SOLDAT BLEU
(SOLDIER BLUE) Ralph NELSON – USA 1970 1h55mn VOSTF – avec Candice Bergen, Peter Strauss, Donald Pleasence, John Anderson, Jorge Rivero, Dana Elcar… Scénario de John Gray d’après le roman Arrow in the Sun de Theodore V. Olsen.
Du 28/08/24 au 17/09/24
C’est un film qui a fait date, qui a marqué les esprits au début des années 70. Après Soldat Bleu, on ne pouvait plus regarder les westerns classiques tout à fait comme avant, même si on continuait à admirer John Ford, Raoul Walsh ou Howard Hawks. Question de regard, question de traitement de deux figures souvent sacrifiées par le western hollywoodien : la Femme et l’Indien…
Le vrai héros de Soldat Bleu est une femme : Christa (magnifique Candice Bergen), une jeune femme qui a vécu deux ans captive parmi les Cheyennes et qui, sans aucun syndrome de Stockholm, en a néanmoins conçu une réelle connaissance et un sincère respect du peuple de ses ravisseurs. Elle est sur le point de revenir à la civilisation (enfin d’un point de vue blanc) et de rejoindre son nouveau fiancé quand son convoi est attaqué par les Cheyennes, la laissant en fuite, seule survivante avec un jeune soldat plein d’illusion : un bleu, non pas à cause de la couleur de sa tunique mais plutôt du fait de son inexpérience.

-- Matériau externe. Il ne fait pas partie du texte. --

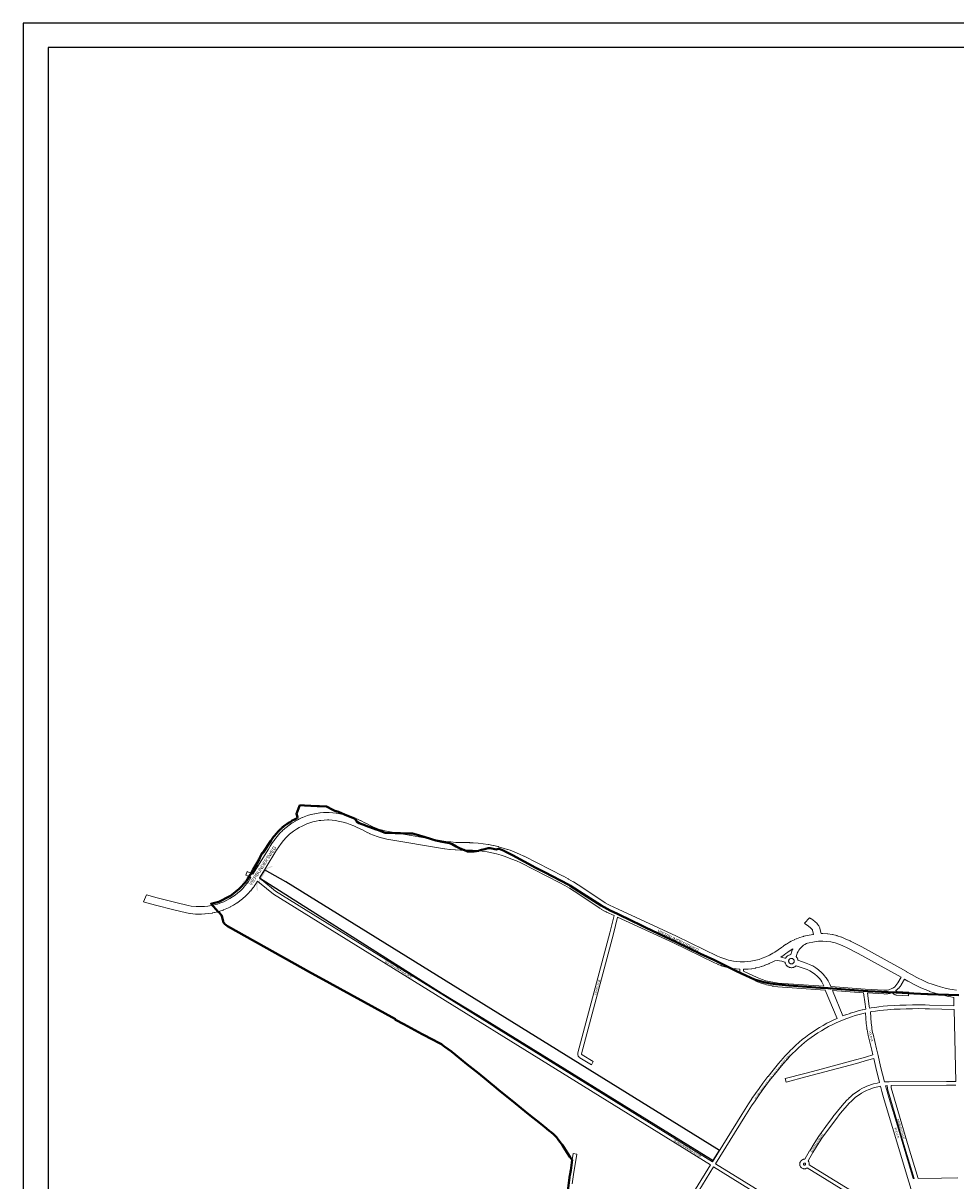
# Model space of a CAD drawing. Header units: metres. Extents: x 123817 to 142006, y 393105 to 406084.
# Tile 37 of 138: x 123817 to 127541, y 401462 to 406084. Entities that reach past the tile are written whole.
import ezdxf
from ezdxf.enums import TextEntityAlignment as Align

# ---------------------------------------------------------------- set-up
doc = ezdxf.new("R2010")
doc.units = ezdxf.units.M
doc.header["$MEASUREMENT"] = 0
doc.styles.add('Style-Arial', font='arial.ttf')
doc.styles.add('Style-arial_old', font='arial_old.shx')

# ---------------------------------------------------------------- blocks, each defined once
blk = doc.blocks.new('gg0-viaduct_44')
at = {"linetype": 'Continuous', "lineweight": 0}
blk.add_hatch(color=7, dxfattribs=at).paths.add_polyline_path([(-55.8, -16.9), (-58, -14), (-40, 0), (40, 0), (58, -14), (55.8, -16.9), (38.7, -3.7), (-38.7, -3.7)])
blk = doc.blocks.new('gg0-viaduct_45')
at = {"linetype": 'Continuous', "lineweight": 0}
blk.add_hatch(color=7, dxfattribs=at).paths.add_polyline_path([(55.8, -16.9), (38.7, -3.7), (-38.7, -3.7), (-55.8, -16.9), (-58, -14), (-40, 0), (40, 0), (58, -14)])

msp = doc.modelspace()

# ---------------------------------------------------------------- linework, layer by layer
at = {"flags": 128}
for points in [[(123817.1, 393105.4), (142006.1, 393105.4), (142006.1, 406084), (123817.1, 406084)], [(123917.1, 393205.4), (141906.1, 393205.4), (141906.1, 405987.2), (123917.1, 405987.2)], [(124728.3, 402692.6), (124735.6, 402688), (124737, 402690.3), (124754.1, 402718), (124754.8, 402719.1), (124746.8, 402723.6), (124746.7, 402723.7), (124746.7, 402723.7), (124735.8, 402705.4), (124728.2, 402692.6)], [(124761.1, 402672.2), (125490.5, 402210), (125635.2, 402122.9), (126560.8, 401549.5), (126571.5, 401542.9), (126596.6, 401583.6), (126586, 401590.2), (124866, 402656), (124780.9, 402704.3)]]:
    msp.add_lwpolyline(points, close=True, dxfattribs=at)
at = {"color": 7, "linetype": 'Continuous', "lineweight": 40, "flags": 128}
msp.add_lwpolyline([(127553, 402203.2), (127511.8, 402204.5), (127511.3, 402204.5), (127429.6, 402208.1), (127427.7, 402208.1), (127373.1, 402210.5), (127302.3, 402213.8), (127270.4, 402215.2), (127243.6, 402216.5), (127218.9, 402217.7), (127188.8, 402219.9), (127151.9, 402222.6), (127030.8, 402231.2), (127000, 402233.4), (126874.2, 402242.4), (126820.8, 402247.1), (126801.6, 402250.5), (126800.7, 402250.7), (126774.6, 402255.3), (126736.6, 402265.5), (126667.2, 402297.5), (126587.5, 402337.8), (126574.4, 402344), (126521.9, 402369.1), (126425.7, 402414.8), (126302, 402473.7), (126280.3, 402484.1), (126247.1, 402500), (126189.6, 402527.6), (126160.4, 402542), (126124.3, 402560.9), (126036.8, 402617.2), (126000, 402640.9), (125995.8, 402643.6), (125898.9, 402694.2), (125864.2, 402712.1), (125770.3, 402762.1), (125741.3, 402777.5), (125737, 402779.8), (125717.6, 402787.2), (125716.7, 402787.1), (125708.9, 402785.9), (125706.7, 402785.6), (125682, 402790.1), (125673.2, 402790.1), (125663.6, 402787.6), (125659.8, 402786.6), (125646.8, 402783.1), (125638.2, 402780.5), (125636, 402779.9), (125626.8, 402778.1), (125617.6, 402777.2), (125608.3, 402777), (125597.3, 402776.5), (125590.8, 402777.1), (125575.9, 402783.1), (125574.8, 402783.5), (125568.6, 402786.1), (125556.3, 402791.8), (125554.2, 402792.9), (125545.9, 402797.4), (125529.6, 402805.7), (125519.2, 402811), (125490.4, 402815.8), (125464.9, 402820.6), (125446.9, 402826.1), (125443, 402827.3), (125421.7, 402833.8), (125385.9, 402845.1), (125372.1, 402848.3), (125363.7, 402848.7), (125363.4, 402848.7), (125356.8, 402849.1), (125324.1, 402850.4), (125306.4, 402850.7), (125304.3, 402850.7), (125302.7, 402850.8), (125262.8, 402852), (125232, 402863.1), (125227.1, 402864.6), (125186.1, 402879.8), (125183.4, 402880.8), (125158.8, 402889.9), (125148.2, 402896.8), (125147.6, 402897.8), (125142.3, 402907.1), (125100.5, 402924.7), (125075.8, 402936), (125061.9, 402939.7), (125054, 402943.9), (125028, 402956.6), (125000, 402958.1), (124990.9, 402958.6), (124939.9, 402961.3), (124922, 402961.4), (124920.9, 402958.8), (124907.9, 402926.9), (124911.1, 402919.6), (124912.5, 402912.8), (124910.5, 402910.2), (124898.4, 402903.8), (124891.7, 402900.4), (124888.2, 402898.4), (124884.1, 402895.9), (124880.1, 402893.5), (124876.2, 402891), (124873.8, 402889.3), (124870.9, 402887.4), (124867.8, 402885.2), (124863.7, 402882.3), (124858.3, 402878.1), (124856.9, 402877.1), (124854.7, 402875.2), (124852.8, 402873.7), (124850.4, 402871.7), (124847.9, 402869.1), (124844.4, 402865.9), (124836.2, 402857.6), (124833.1, 402854.2), (124830.6, 402851.5), (124828, 402848.3), (124819.8, 402838.5), (124817.1, 402835.1), (124814.5, 402831.7), (124811.6, 402827.8), (124808.4, 402823.3), (124806.1, 402820), (124775.9, 402772.7), (124774.1, 402769.8), (124771.9, 402771.1), (124771.3, 402771.4), (124762.5, 402751.6), (124759.8, 402745.6), (124748, 402725.7), (124735.8, 402705.4), (124724.1, 402685.7), (124723.8, 402685.3), (124721.7, 402681.7), (124712.7, 402666.6), (124706.9, 402656.7), (124679.3, 402627.9), (124643.4, 402598.9), (124642.8, 402598.6), (124598.1, 402576.7), (124572.2, 402569.6), (124567.4, 402568.3), (124567.4, 402568.2), (124596.3, 402536.4), (124597.9, 402534.7), (124599.4, 402533.1), (124605.7, 402525.7), (124608.9, 402522.4), (124611.7, 402514.9), (124614.6, 402503.5), (124615.4, 402500), (124616.2, 402496.7), (124617.5, 402493.8), (124619.5, 402490.6), (124622.9, 402486.9), (124625.9, 402484.5), (124633.4, 402479.5), (124968.6, 402291.5), (124968.7, 402291.4), (125000, 402274.3), (125303.1, 402107.1), (125303.7, 402107), (125303.3, 402104.5), (125336.9, 402087.1), (125365.7, 402072.2), (125409.5, 402047.8), (125454.1, 402024.8), (125474.6, 402014.3), (125486.6, 402007.3), (125497, 402000), (125500.6, 401997.5), (125527.5, 401978), (125536.4, 401970.9), (125540.6, 401967.5), (125542.6, 401965.7), (125588.6, 401928.5), (125635.8, 401890.4), (125705.4, 401833.9), (125716.5, 401824.6), (125768, 401782.5), (125819.5, 401740.7), (125834.7, 401728.4), (125883.3, 401689.3), (125906.5, 401670.6), (125917.4, 401662.2), (125925, 401656.3), (125935.5, 401647.3), (125942.5, 401640.6), (125947.2, 401635.4), (125949.1, 401632.7), (125952.7, 401627.9), (125956.3, 401623.7), (125969.8, 401604.4), (125981.2, 401586.9), (126000, 401558.7), (126008.6, 401545.9), (126003, 401504.1), (126002.3, 401500), (126000.3, 401487.7), (126000, 401485.8), (125990, 401412)], dxfattribs=at)
at = {"color": 1, "linetype": 'Continuous', "lineweight": 0, "flags": 128}
for points in [[(124734.5, 402686.3), (124796.7, 402786.9), (124803.5, 402798.4), (124803.8, 402798.9), (124812.7, 402812.6), (124813.2, 402813.2), (124822.7, 402826.4), (124823.2, 402827), (124833.4, 402839.7), (124833.6, 402840), (124833.9, 402840.3), (124844.7, 402852.5), (124845.1, 402852.9), (124850.7, 402858.8), (124851.5, 402859.6), (124861, 402868.2), (124861.5, 402868.5), (124867, 402873.2), (124867.5, 402873.5), (124878.9, 402882.3), (124879.6, 402882.8), (124891.5, 402890.9), (124892.2, 402891.4), (124904.5, 402898.8), (124904.7, 402898.9), (124905.1, 402899.2), (124916.6, 402905.3), (124917.3, 402905.7), (124931.3, 402912.3), (124932, 402912.6), (124938.4, 402915.2), (124939, 402915.5), (124951.9, 402920.2), (124952.8, 402920.4), (124965.9, 402924.4), (124966.8, 402924.6), (124980.2, 402927.8), (124981, 402927.9), (124981, 402927.9), (124994.5, 402930.3), (124995.2, 402930.4), (125002, 402931.3), (125002.7, 402931.4), (125016.4, 402932.6), (125017.2, 402932.6), (125031, 402933), (125031.6, 402933), (125038.5, 402932.9), (125039.2, 402932.9), (125052.9, 402932.1), (125053.7, 402932), (125067.4, 402930.4), (125068.3, 402930.3), (125068.3, 402930.3), (125087.7, 402926.7), (125088.5, 402926.6), (125101.8, 402923.4), (125102.5, 402923.2), (125117.6, 402918.9), (125118.4, 402918.6), (125133.2, 402913.5), (125133.9, 402913.2), (125148.5, 402907.4), (125149, 402907.2), (125163.2, 402900.8), (125163.6, 402900.6), (125184.5, 402890.6), (125185, 402890.4), (125207.2, 402878.7), (125213.4, 402875.7), (125226.7, 402870.1), (125240.2, 402865.2), (125246.8, 402863.1), (125260.7, 402859.3), (125274.7, 402856.3), (125503.9, 402817.5), (125524, 402815.1), (125544.2, 402813.5), (125564.6, 402812.7), (125599.5, 402812.4), (125600, 402812.3), (125613, 402811.9), (125613.3, 402811.8), (125613.5, 402811.8), (125633.3, 402810.4), (125633.9, 402810.4), (125653.6, 402808.1), (125654.2, 402808.1), (125673.8, 402805.1), (125674.1, 402805), (125674.4, 402805), (125693.9, 402801.2), (125694.5, 402801), (125713.8, 402796.5), (125714.4, 402796.3), (125733.5, 402791), (125734, 402790.8), (125751.2, 402785.4), (125751.5, 402785.2), (125760.8, 402782), (125761.2, 402781.9), (125779.6, 402774.9), (125780.2, 402774.7), (125798.3, 402767), (125798.8, 402766.7), (125816.6, 402758.3), (125817, 402758.1), (125973.6, 402678.1), (125973.8, 402678), (125993.6, 402667.5), (125994.1, 402667.2), (126013.5, 402656.1), (126013.6, 402656.1), (126014, 402655.8), (126033, 402643.9), (126033.4, 402643.7), (126135.4, 402575.5), (126140.9, 402572.1), (126152.6, 402565.5), (126158.4, 402562.6), (126193, 402546.5), (126425.5, 402439.4), (126425.8, 402439.2), (126589.6, 402359.8), (126601.9, 402354.3), (126614.3, 402349.6), (126627, 402345.5), (126633.2, 402343.9), (126646.3, 402340.9), (126652.6, 402339.8), (126665.9, 402338), (126679.2, 402336.9), (126685.5, 402336.7), (126696.6, 402336.9), (126709.2, 402337.5), (126721.6, 402338.9), (126735.7, 402341.4), (126748.7, 402344.6), (126755, 402346.4), (126767.8, 402350.7), (126782.5, 402356.8), (126796.3, 402363.5), (126810.6, 402371.3), (126817.4, 402375.4), (126831.2, 402384.2), (126844.4, 402393.7), (126852.3, 402399.8), (126853.1, 402400.4), (126863.4, 402407.2), (126864.1, 402407.6), (126876.3, 402414.9), (126876.4, 402415), (126876.9, 402415.2), (126883.1, 402418.5), (126883.7, 402418.8), (126896.5, 402425), (126897.1, 402425.3), (126903.6, 402428.1), (126904.2, 402428.4), (126917.5, 402433.5), (126918.2, 402433.7), (126926.7, 402436.5), (126926.9, 402436.5), (126927, 402436.6), (126932, 402438.1), (126933.3, 402438.5), (126969.9, 402446.2), (126970.4, 402446.3), (126970.8, 402446.3), (126972.7, 402446.6), (126969, 402461.3), (126967.8, 402464.1), (126963.6, 402470.1), (126959.3, 402474.3), (126946.7, 402483.5), (126940.6, 402487.2), (126936.9, 402490.4), (126956.1, 402512.9), (126962.8, 402508.9), (126963.9, 402508.1), (126978, 402497.8), (126979.6, 402496.4), (126985.5, 402490.6), (126986.5, 402489.5), (126987.3, 402488.5), (126993.2, 402480.1), (126994.8, 402477.3), (126997.1, 402471.9), (126997.3, 402471.2), (126997.8, 402469.7), (127003, 402449.1), (127008.8, 402449.3), (127010.2, 402449.3), (127028.1, 402448.3), (127029.4, 402448.2), (127047.2, 402445.6), (127047.6, 402445.5), (127048.5, 402445.3), (127065.9, 402441.1), (127067.2, 402440.8), (127084.2, 402435.1), (127085.5, 402434.6), (127101.8, 402427.4), (127119.3, 402420), (127120.2, 402419.6), (127165.1, 402396.5), (127165.6, 402396.3), (127343.5, 402297.4), (127343.7, 402297.3), (127343.7, 402297.3), (127364.2, 402285.4), (127384.9, 402274.3), (127413.3, 402260.4), (127429.4, 402253.4), (127445.7, 402247.1), (127462.3, 402241.6), (127479.2, 402236.7), (127497.4, 402232.1), (127516.3, 402227.9), (127525.5, 402226.2), (127543.6, 402223.3)], [(124760.3, 402670.9), (124822.3, 402771.3), (124822.5, 402771.5), (124829.1, 402782.8), (124837.7, 402795.9), (124846.8, 402808.5), (124856.6, 402820.7), (124867, 402832.4), (124872, 402837.7), (124880.9, 402845.7), (124886, 402849.9), (124896.8, 402858.2), (124908, 402865.9), (124919.7, 402872.9), (124930.5, 402878.7), (124943.8, 402885), (124949.6, 402887.4), (124961.8, 402891.8), (124974.1, 402895.5), (124986.6, 402898.5), (124999.4, 402900.7), (125005.6, 402901.5), (125018.5, 402902.6), (125031.5, 402903), (125037.7, 402902.9), (125050.7, 402902.2), (125063.4, 402900.7), (125082, 402897.3), (125094.6, 402894.3), (125109, 402890.1), (125123.1, 402885.3), (125137.1, 402879.7), (125150.8, 402873.5), (125171.3, 402863.7), (125193.5, 402852), (125194.1, 402851.7), (125200.9, 402848.5), (125201.5, 402848.2), (125215.4, 402842.3), (125216.1, 402842.1), (125230.3, 402836.9), (125230.9, 402836.7), (125238, 402834.4), (125238.6, 402834.3), (125253.2, 402830.3), (125253.9, 402830.1), (125268.7, 402826.9), (125269.3, 402826.8), (125269.4, 402826.7), (125499.3, 402787.9), (125500, 402787.8), (125520.7, 402785.3), (125521.3, 402785.2), (125542.1, 402783.6), (125542.7, 402783.5), (125563.6, 402782.7), (125564.1, 402782.7), (125599, 402782.4), (125611.6, 402781.9), (125630.8, 402780.5), (125650, 402778.4), (125669, 402775.5), (125687.9, 402771.8), (125706.6, 402767.3), (125725.1, 402762.1), (125741.9, 402756.8), (125750.8, 402753.7), (125768.7, 402747), (125786.3, 402739.5), (125803.5, 402731.3), (125959.9, 402651.4), (125979.4, 402641.1), (125998.3, 402630.2), (126016.9, 402618.6), (126119, 402550.4), (126119.4, 402550.1), (126125.4, 402546.4), (126125.8, 402546.2), (126125.9, 402546.1), (126138.2, 402539.2), (126138.8, 402538.9), (126145.1, 402535.7), (126145.6, 402535.5), (126176.2, 402521.3)], [(124752.4, 402658.1), (124746.1, 402648), (124745.8, 402647.4), (124739.5, 402638.2), (124739.2, 402637.8), (124735, 402632.1), (124734.6, 402631.6), (124725.8, 402620.6), (124725.6, 402620.3), (124725.2, 402619.9), (124715.8, 402609.4), (124715.2, 402608.8), (124705.2, 402598.8), (124704.5, 402598.3), (124694, 402588.9), (124693.3, 402588.3), (124682.2, 402579.6), (124681.5, 402579.1), (124670, 402571), (124669.3, 402570.5), (124657.2, 402563), (124656.8, 402562.8), (124656.5, 402562.6), (124644.1, 402555.9), (124643.3, 402555.5), (124630.6, 402549.4), (124629.8, 402549.1), (124616.7, 402543.8), (124615.9, 402543.5), (124602.5, 402538.9), (124601.9, 402538.7), (124595.1, 402536.7), (124594.5, 402536.5), (124580.8, 402533.1), (124580.2, 402533), (124573.3, 402531.6), (124572.9, 402531.5), (124572.6, 402531.5), (124558.7, 402529.2), (124557.8, 402529.1), (124543.8, 402527.7), (124542.9, 402527.6), (124528.8, 402527), (124528, 402526.9), (124513.8, 402527.1), (124513.2, 402527.1), (124506.1, 402527.5), (124505.5, 402527.5), (124483.8, 402529.6), (124482.6, 402529.8), (124482.3, 402529.8), (124469.7, 402532.3), (124469.1, 402532.4), (124419, 402544.4), (124418.9, 402544.4), (124345.1, 402562.9), (124344.9, 402563), (124301.4, 402574.6), (124297.8, 402576.1), (124309.2, 402603.6), (124352.5, 402592), (124426.1, 402573.5), (124475.8, 402561.7), (124487.3, 402559.4), (124508, 402557.4), (124514.5, 402557.1), (124527.8, 402556.9), (124541.1, 402557.5), (124554.3, 402558.9), (124567.6, 402561), (124573.9, 402562.3), (124587, 402565.6), (124593.1, 402567.4), (124605.8, 402571.7), (124618.1, 402576.7), (124630.1, 402582.4), (124641.8, 402588.8), (124653.1, 402595.8), (124664, 402603.4), (124674.4, 402611.6), (124684.3, 402620.4), (124693.8, 402629.8), (124702.6, 402639.7), (124711, 402650.1), (124714.9, 402655.3), (124720.8, 402664), (124726.6, 402673.5)], [(126678, 402306.9), (126677.7, 402306.9), (126677.1, 402307), (126663, 402308.1), (126662.2, 402308.2), (126648.2, 402310.1), (126647.7, 402310.2), (126647.6, 402310.2), (126640.7, 402311.4), (126640, 402311.6), (126626.3, 402314.7), (126625.7, 402314.8), (126618.9, 402316.7), (126618.3, 402316.8), (126604.8, 402321.1), (126604, 402321.4), (126590.8, 402326.4), (126590, 402326.7), (126577.2, 402332.5), (126576.8, 402332.7), (126412.8, 402412.2), (126190.1, 402514.9)], [(126947.8, 402410.9), (126975.7, 402416.7), (126984, 402417.9), (126992.4, 402418.8), (127009.1, 402419.3), (127025.7, 402418.4), (127042.1, 402416), (127058.3, 402412.1), (127074, 402406.8), (127089.9, 402399.9), (127089.9, 402399.9), (127090, 402399.9), (127107, 402392.6), (127151.2, 402369.9), (127322.3, 402274.9)], [(126841.4, 402355.1), (126847.7, 402359.2), (126848.3, 402359.6), (126862.1, 402369.4), (126862.5, 402369.8), (126870.2, 402375.7), (126879.7, 402382), (126889.9, 402388.1)], [(126818, 402341.1), (126810.4, 402337), (126809.7, 402336.6), (126795.1, 402329.6), (126794.9, 402329.5), (126794.3, 402329.2), (126778.7, 402322.8), (126777.8, 402322.5), (126764.3, 402317.9), (126763.7, 402317.7), (126756.8, 402315.7), (126756.2, 402315.6), (126742.4, 402312.1), (126741.4, 402311.9), (126726.4, 402309.3), (126726.3, 402309.3), (126725.4, 402309.1), (126712.1, 402307.6), (126711.2, 402307.6), (126697.9, 402306.9), (126697.4, 402306.9), (126693, 402306.8)], [(127532.4, 402194.7), (127520.6, 402196.6), (127520.3, 402196.6), (127520.1, 402196.7), (127510.4, 402198.5), (127510, 402198.6), (127490.7, 402202.9), (127490.3, 402203), (127471.7, 402207.7), (127471.2, 402207.8), (127453.7, 402212.8), (127453.1, 402213), (127435.9, 402218.8), (127435.3, 402219), (127418.3, 402225.5), (127417.7, 402225.8), (127401, 402233), (127400.4, 402233.3), (127371.5, 402247.5), (127371, 402247.8), (127349.8, 402259.1), (127349.4, 402259.3), (127349.4, 402259.3), (127335.3, 402267.5)]]:
    msp.add_lwpolyline(points, dxfattribs=at)
at = {"color": 191, "linetype": 'Continuous', "lineweight": 0, "flags": 128}
for points in [[(124726.6, 402673.5), (124719.7, 402676.9), (124705.5, 402683.2), (124711.7, 402696.9), (124725.9, 402690.5), (124726.2, 402690.4), (124734.5, 402686.3)], [(126560.9, 401525.9), (124816.9, 402606.4), (124816.1, 402606.9), (124760.1, 402652.2), (124752.4, 402658.1)], [(124760.3, 402670.9), (124769.2, 402664.1), (124769.4, 402664), (124825.2, 402618.9), (126568.8, 401538.6)], [(127076.8, 401100.1), (127089.7, 401125.6), (127089.8, 401125.6), (127089.8, 401125.6), (127095.5, 401136.6), (127095.9, 401137.3), (127112.2, 401161.7), (127120.2, 401176.6), (127097.4, 401190.6), (127097.1, 401190.8), (127090.5, 401195.4), (127090.3, 401195.5), (127085, 401199.4), (127084.8, 401199.6), (127068.3, 401212.6), (127062.6, 401216.7), (127050.7, 401224.6), (127032.5, 401235.8), (126933.8, 401293.1), (126933.2, 401293.4), (126917.9, 401304.4), (126899, 401316.4), (126573.6, 401518)], [(126907, 401329.1), (126581.5, 401530.7)]]:
    msp.add_lwpolyline(points, dxfattribs=at)
at = {"color": 9, "linetype": 'Continuous', "lineweight": 0, "flags": 128}
for points in [[(126190.1, 402514.9), (126174.2, 402448.9), (126174.1, 402448.7), (126046.7, 401969.6), (126046.6, 401969.1), (126046.6, 401968), (126046.8, 401967.1), (126047.3, 401966.3), (126048.2, 401965.5), (126093.3, 401938.3), (126085.6, 401925.4), (126039.7, 401953.1), (126038.5, 401954), (126036.3, 401956), (126035.7, 401956.7), (126035.1, 401957.6), (126033.5, 401960.1), (126032.9, 401961.5), (126032.7, 401962), (126031.9, 401964.8), (126031.6, 401966.8), (126031.6, 401969.7), (126031.6, 401969.8), (126031.8, 401971.2), (126031.7, 401971.3), (126032, 401972.7), (126032.1, 401973.2), (126159.6, 402452.5), (126176.2, 402521.3)], [(127019.5, 402224), (126830.5, 402237.1), (126830.1, 402237.1), (126815.5, 402238.9), (126815.2, 402238.9), (126807.8, 402240.1), (126807.7, 402240.1), (126807.5, 402240.2), (126792.8, 402243.2), (126792.5, 402243.2), (126785.3, 402245), (126785.1, 402245), (126777.9, 402247), (126777.6, 402247.1), (126763.4, 402251.6), (126763.1, 402251.7), (126756, 402254.3), (126755.8, 402254.4), (126741.9, 402260), (126741.6, 402260.2), (126686.7, 402285.8), (126686.1, 402286.1), (126685.6, 402286.4), (126683.6, 402287.8), (126682.3, 402289), (126681.4, 402289.9), (126681.3, 402290.1), (126680.4, 402291.4), (126679.2, 402293.5), (126678.8, 402294.5), (126678.6, 402295.2), (126678.3, 402296.4), (126678.1, 402298.2), (126678, 402306.9)], [(127013.9, 402239.5), (126831.7, 402252), (126817.4, 402253.8), (126810.3, 402254.9), (126796, 402257.8), (126789, 402259.5), (126782, 402261.4), (126768, 402265.9), (126761.3, 402268.3), (126747.8, 402273.8), (126693.5, 402299.2), (126693.1, 402299.5), (126693, 402299.5), (126693, 402306.8)], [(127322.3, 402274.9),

La première partie du film est un vrai bonheur féministe. Dans le périple en plein territoire hostile des deux fugitifs, c’est bien Christa qui mène la danse, apprenant à l’ingénu soldat les astuces de la survie, jurant comme un charretier sous le regard choqué du jeune homme, faisant preuve d’une joyeuse impudeur, n’hésitant pas pour des raisons pratiques à se débarrasser de ses jupons pour bouger plus facilement ou à se lover la nuit contre lui pour se réchauffer, vantant l’amour libre et assumant son matérialisme contraire à l’idéal gnangnan romantique des héroïnes de western classique.
Toute cette première partie est drôle et truculente, magnifiée par une lumière qui rend hommage aux paysages sauvages, ponctuée de rencontres étonnantes (le génial Donald Pleasence en trafiquant d’armes crapoteux), avec un épisode quasi rousseauiste où les deux comparses – au demeurant fort peu faits l’un pour l’autre – se retrouvent dans une caverne du bonheur. On voit dans cette partie la tendresse du réalisateur pour la société indienne dont il admire de toute évidence le modèle égalitaire, y compris sur la sexualité.
Et c’est d’autant plus choquant et perturbant de découvrir la suite qui évoque avec un réalisme saisissant la cruauté incroyable du massacre de Sand Creek : le 29 Novembre 1864, un bataillon de la cavalerie américaine s’est abattu sur un village cheyenne pacifique pour massacrer, violer, démembrer, décapiter hommes, femmes et enfants. Une expédition barbare qui fit dire au général Miles que « cet épisode fut probablement le plus ignoble et le plus injuste dans les annales de l’Amérique ».
Deux ans avant 1970 et la réalisation de Soldat bleu, l’armée américaine avait rasé le petit village vietnamien de My Lai, abattant sans distinction femmes, enfants, vieillards. Le récit de ce massacre par le magazine Life marqua profondément l’opinion publique américaine et favorisa l’essor du mouvement pacifiste. Ainsi Ralph Nelson, cinéaste issu de la télévision et spécialiste des pamphlets antiracistes (il dirige Sidney Poitier à plusieurs reprises), ne cherche pas seulement à poursuivre la réhabilitation de la figure de l’Indien dans le western entamée vingt ans plus tôt avec La Flèche brisée de Delmer Daves et parachevée en cette même année 1970 par Little Big Man d’Arthur Penn : son film témoigne surtout du désenchantement politique et de l’indignation morale d’une partie de la population américaine face aux atrocités passées et présentes commises par son pays. Et Soldat bleu, western pacifiste, féministe et antiraciste, d’une crudité visuelle digne des films de Peckinpah, dénonçant sans ambages les démons génocidaires fondateurs de l’Amérique, est aujourd’hui encore d’une terrible actualité.